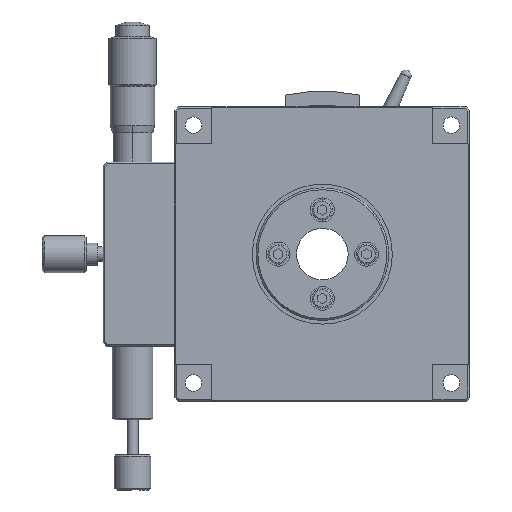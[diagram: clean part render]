
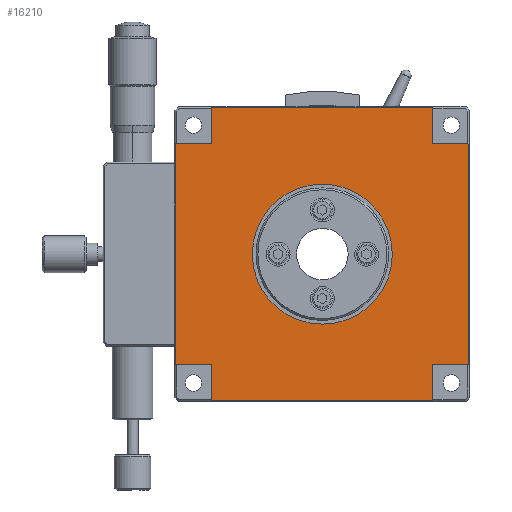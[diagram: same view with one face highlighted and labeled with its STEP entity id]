
A CAD part, front view. The second image highlights one B-rep face of the part: STEP entity #16210.
In plain terms, the highlighted planar face has unit normal (0, -1, 0).
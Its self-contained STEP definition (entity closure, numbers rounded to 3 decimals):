
#80 = CIRCLE ( 'NONE', #19383, 19. ) ;
#93 = ORIENTED_EDGE ( 'NONE', *, *, #14938, .T. ) ;
#172 = VERTEX_POINT ( 'NONE', #2369 ) ;
#541 = CARTESIAN_POINT ( 'NONE',  ( -104.119, 9.186, 60.017 ) ) ;
#594 = ORIENTED_EDGE ( 'NONE', *, *, #10753, .T. ) ;
#882 = VERTEX_POINT ( 'NONE', #7043 ) ;
#957 = VERTEX_POINT ( 'NONE', #15664 ) ;
#1305 = EDGE_CURVE ( 'NONE', #3083, #5632, #10530, .T. ) ;
#1931 = LINE ( 'NONE', #4574, #13923 ) ;
#2129 = ORIENTED_EDGE ( 'NONE', *, *, #13077, .T. ) ;
#2231 = VECTOR ( 'NONE', #26284, 1000. ) ;
#2369 = CARTESIAN_POINT ( 'NONE',  ( -74.119, 9.186, 11.017 ) ) ;
#2413 = VECTOR ( 'NONE', #7898, 1000. ) ;
#2788 = CARTESIAN_POINT ( 'NONE',  ( -44.119, 9.186, 60.017 ) ) ;
#2827 = CIRCLE ( 'NONE', #11218, 19. ) ;
#2949 = CARTESIAN_POINT ( 'NONE',  ( -104.119, 9.186, 60.017 ) ) ;
#2955 = CARTESIAN_POINT ( 'NONE',  ( -104.119, 9.186, 60.017 ) ) ;
#3074 = ORIENTED_EDGE ( 'NONE', *, *, #25325, .T. ) ;
#3083 = VERTEX_POINT ( 'NONE', #20255 ) ;
#3909 = VECTOR ( 'NONE', #8447, 1000. ) ;
#4336 = VERTEX_POINT ( 'NONE', #2788 ) ;
#4502 = ORIENTED_EDGE ( 'NONE', *, *, #26859, .T. ) ;
#4551 = ORIENTED_EDGE ( 'NONE', *, *, #16462, .T. ) ;
#4574 = CARTESIAN_POINT ( 'NONE',  ( -104.119, 9.186, 60.017 ) ) ;
#4586 = VECTOR ( 'NONE', #23694, 1000. ) ;
#4736 = ORIENTED_EDGE ( 'NONE', *, *, #15796, .T. ) ;
#5031 = LINE ( 'NONE', #10514, #2413 ) ;
#5342 = DIRECTION ( 'NONE',  ( 0., 1., 0. ) ) ;
#5632 = VERTEX_POINT ( 'NONE', #14438 ) ;
#5721 = DIRECTION ( 'NONE',  ( 0., 0., 1. ) ) ;
#5724 = DIRECTION ( 'NONE',  ( -1., 0., 0. ) ) ;
#5999 = LINE ( 'NONE', #28153, #9726 ) ;
#6068 = EDGE_LOOP ( 'NONE', ( #15095, #93 ) ) ;
#6392 = VECTOR ( 'NONE', #27286, 1000. ) ;
#6606 = CARTESIAN_POINT ( 'NONE',  ( -113.919, 9.186, 60.017 ) ) ;
#6881 = CARTESIAN_POINT ( 'NONE',  ( -104.119, 9.186, 60.017 ) ) ;
#7043 = CARTESIAN_POINT ( 'NONE',  ( -34.319, 9.186, 0.017 ) ) ;
#7208 = ORIENTED_EDGE ( 'NONE', *, *, #14567, .T. ) ;
#7382 = CARTESIAN_POINT ( 'NONE',  ( -34.319, 9.186, 60.017 ) ) ;
#7898 = DIRECTION ( 'NONE',  ( -1., 0., 0. ) ) ;
#7924 = FACE_OUTER_BOUND ( 'NONE', #27328, .T. ) ;
#8247 = CARTESIAN_POINT ( 'NONE',  ( -104.119, 9.186, 69.817 ) ) ;
#8447 = DIRECTION ( 'NONE',  ( -1., 0., 0. ) ) ;
#8940 = CARTESIAN_POINT ( 'NONE',  ( -113.919, 9.186, 0.017 ) ) ;
#9726 = VECTOR ( 'NONE', #13707, 1000. ) ;
#9858 = CARTESIAN_POINT ( 'NONE',  ( -104.119, 9.186, -9.783 ) ) ;
#10127 = AXIS2_PLACEMENT_3D ( 'NONE', #2949, #12453, #19855 ) ;
#10235 = ORIENTED_EDGE ( 'NONE', *, *, #22239, .T. ) ;
#10495 = VERTEX_POINT ( 'NONE', #23579 ) ;
#10514 = CARTESIAN_POINT ( 'NONE',  ( -104.119, 9.186, 60.017 ) ) ;
#10530 = LINE ( 'NONE', #8247, #11282 ) ;
#10667 = VECTOR ( 'NONE', #26586, 1000. ) ;
#10753 = EDGE_CURVE ( 'NONE', #23057, #4336, #5031, .T. ) ;
#10759 = ORIENTED_EDGE ( 'NONE', *, *, #25481, .T. ) ;
#11203 = ORIENTED_EDGE ( 'NONE', *, *, #1305, .T. ) ;
#11218 = AXIS2_PLACEMENT_3D ( 'NONE', #11717, #11528, #25830 ) ;
#11282 = VECTOR ( 'NONE', #5724, 1000. ) ;
#11528 = DIRECTION ( 'NONE',  ( 0., 1., 0. ) ) ;
#11575 = VERTEX_POINT ( 'NONE', #26808 ) ;
#11687 = ORIENTED_EDGE ( 'NONE', *, *, #23990, .T. ) ;
#11717 = CARTESIAN_POINT ( 'NONE',  ( -74.119, 9.186, 30.017 ) ) ;
#12453 = DIRECTION ( 'NONE',  ( 0., -1., 0. ) ) ;
#13077 = EDGE_CURVE ( 'NONE', #5632, #22084, #16137, .T. ) ;
#13707 = DIRECTION ( 'NONE',  ( 0., 0., 1. ) ) ;
#13790 = VERTEX_POINT ( 'NONE', #31059 ) ;
#13923 = VECTOR ( 'NONE', #31153, 1000. ) ;
#13972 = EDGE_CURVE ( 'NONE', #22084, #957, #23069, .T. ) ;
#14438 = CARTESIAN_POINT ( 'NONE',  ( -104.119, 9.186, 69.817 ) ) ;
#14567 = EDGE_CURVE ( 'NONE', #11575, #10495, #21555, .T. ) ;
#14938 = EDGE_CURVE ( 'NONE', #172, #13790, #80, .T. ) ;
#14997 = CARTESIAN_POINT ( 'NONE',  ( -104.119, 9.186, -9.783 ) ) ;
#15095 = ORIENTED_EDGE ( 'NONE', *, *, #19641, .T. ) ;
#15111 = VECTOR ( 'NONE', #5721, 1000. ) ;
#15168 = CARTESIAN_POINT ( 'NONE',  ( -104.119, 9.186, 0.017 ) ) ;
#15664 = CARTESIAN_POINT ( 'NONE',  ( -113.919, 9.186, 60.017 ) ) ;
#15796 = EDGE_CURVE ( 'NONE', #25814, #26053, #1931, .T. ) ;
#16137 = LINE ( 'NONE', #2955, #21743 ) ;
#16210 = ADVANCED_FACE ( 'NONE', ( #7924, #18058 ), #29394, .T. ) ;
#16462 = EDGE_CURVE ( 'NONE', #10495, #882, #31203, .T. ) ;
#17319 = LINE ( 'NONE', #6606, #4586 ) ;
#17524 = DIRECTION ( 'NONE',  ( 0., 0., 1. ) ) ;
#18058 = FACE_BOUND ( 'NONE', #6068, .T. ) ;
#18935 = CARTESIAN_POINT ( 'NONE',  ( -104.119, 9.186, 0.017 ) ) ;
#19383 = AXIS2_PLACEMENT_3D ( 'NONE', #22265, #5342, #17524 ) ;
#19641 = EDGE_CURVE ( 'NONE', #13790, #172, #2827, .T. ) ;
#19738 = DIRECTION ( 'NONE',  ( 0., 0., -1. ) ) ;
#19855 = DIRECTION ( 'NONE',  ( 0., 0., -1. ) ) ;
#20255 = CARTESIAN_POINT ( 'NONE',  ( -44.119, 9.186, 69.817 ) ) ;
#21420 = LINE ( 'NONE', #15168, #6392 ) ;
#21555 = LINE ( 'NONE', #29659, #15111 ) ;
#21743 = VECTOR ( 'NONE', #19738, 1000. ) ;
#21793 = VECTOR ( 'NONE', #27527, 1000. ) ;
#22084 = VERTEX_POINT ( 'NONE', #6881 ) ;
#22239 = EDGE_CURVE ( 'NONE', #26053, #11575, #26449, .T. ) ;
#22265 = CARTESIAN_POINT ( 'NONE',  ( -74.119, 9.186, 30.017 ) ) ;
#23057 = VERTEX_POINT ( 'NONE', #7382 ) ;
#23069 = LINE ( 'NONE', #541, #3909 ) ;
#23579 = CARTESIAN_POINT ( 'NONE',  ( -44.119, 9.186, 0.017 ) ) ;
#23694 = DIRECTION ( 'NONE',  ( 0., 0., -1. ) ) ;
#23990 = EDGE_CURVE ( 'NONE', #957, #24837, #17319, .T. ) ;
#24837 = VERTEX_POINT ( 'NONE', #8940 ) ;
#25325 = EDGE_CURVE ( 'NONE', #24837, #25814, #21420, .T. ) ;
#25481 = EDGE_CURVE ( 'NONE', #882, #23057, #28209, .T. ) ;
#25814 = VERTEX_POINT ( 'NONE', #18935 ) ;
#25830 = DIRECTION ( 'NONE',  ( 0., 0., 1. ) ) ;
#26053 = VERTEX_POINT ( 'NONE', #14997 ) ;
#26284 = DIRECTION ( 'NONE',  ( 0., 0., 1. ) ) ;
#26449 = LINE ( 'NONE', #9858, #10667 ) ;
#26586 = DIRECTION ( 'NONE',  ( 1., 0., 0. ) ) ;
#26808 = CARTESIAN_POINT ( 'NONE',  ( -44.119, 9.186, -9.783 ) ) ;
#26859 = EDGE_CURVE ( 'NONE', #4336, #3083, #5999, .T. ) ;
#27286 = DIRECTION ( 'NONE',  ( 1., 0., 0. ) ) ;
#27328 = EDGE_LOOP ( 'NONE', ( #11203, #2129, #30664, #11687, #3074, #4736, #10235, #7208, #4551, #10759, #594, #4502 ) ) ;
#27527 = DIRECTION ( 'NONE',  ( 1., 0., 0. ) ) ;
#28153 = CARTESIAN_POINT ( 'NONE',  ( -44.119, 9.186, 60.017 ) ) ;
#28209 = LINE ( 'NONE', #28516, #2231 ) ;
#28516 = CARTESIAN_POINT ( 'NONE',  ( -34.319, 9.186, 60.017 ) ) ;
#29394 = PLANE ( 'NONE',  #10127 ) ;
#29659 = CARTESIAN_POINT ( 'NONE',  ( -44.119, 9.186, 60.017 ) ) ;
#30060 = CARTESIAN_POINT ( 'NONE',  ( -104.119, 9.186, 0.017 ) ) ;
#30664 = ORIENTED_EDGE ( 'NONE', *, *, #13972, .T. ) ;
#31059 = CARTESIAN_POINT ( 'NONE',  ( -74.119, 9.186, 49.017 ) ) ;
#31153 = DIRECTION ( 'NONE',  ( 0., 0., -1. ) ) ;
#31203 = LINE ( 'NONE', #30060, #21793 ) ;
________
▸ **What the task asks**: Starting at the line above that contains "#13077 = EDGE_CURVE", repeat each line exactly up to and including the line that contains "#14438 = CARTESIAN_POINT", and stop there.

▸ **Answer to the exercise**:
#13077 = EDGE_CURVE ( 'NONE', #5632, #22084, #16137, .T. ) ;
#13707 = DIRECTION ( 'NONE',  ( 0., 0., 1. ) ) ;
#13790 = VERTEX_POINT ( 'NONE', #31059 ) ;
#13923 = VECTOR ( 'NONE', #31153, 1000. ) ;
#13972 = EDGE_CURVE ( 'NONE', #22084, #957, #23069, .T. ) ;
#14438 = CARTESIAN_POINT ( 'NONE',  ( -104.119, 9.186, 69.817 ) ) ;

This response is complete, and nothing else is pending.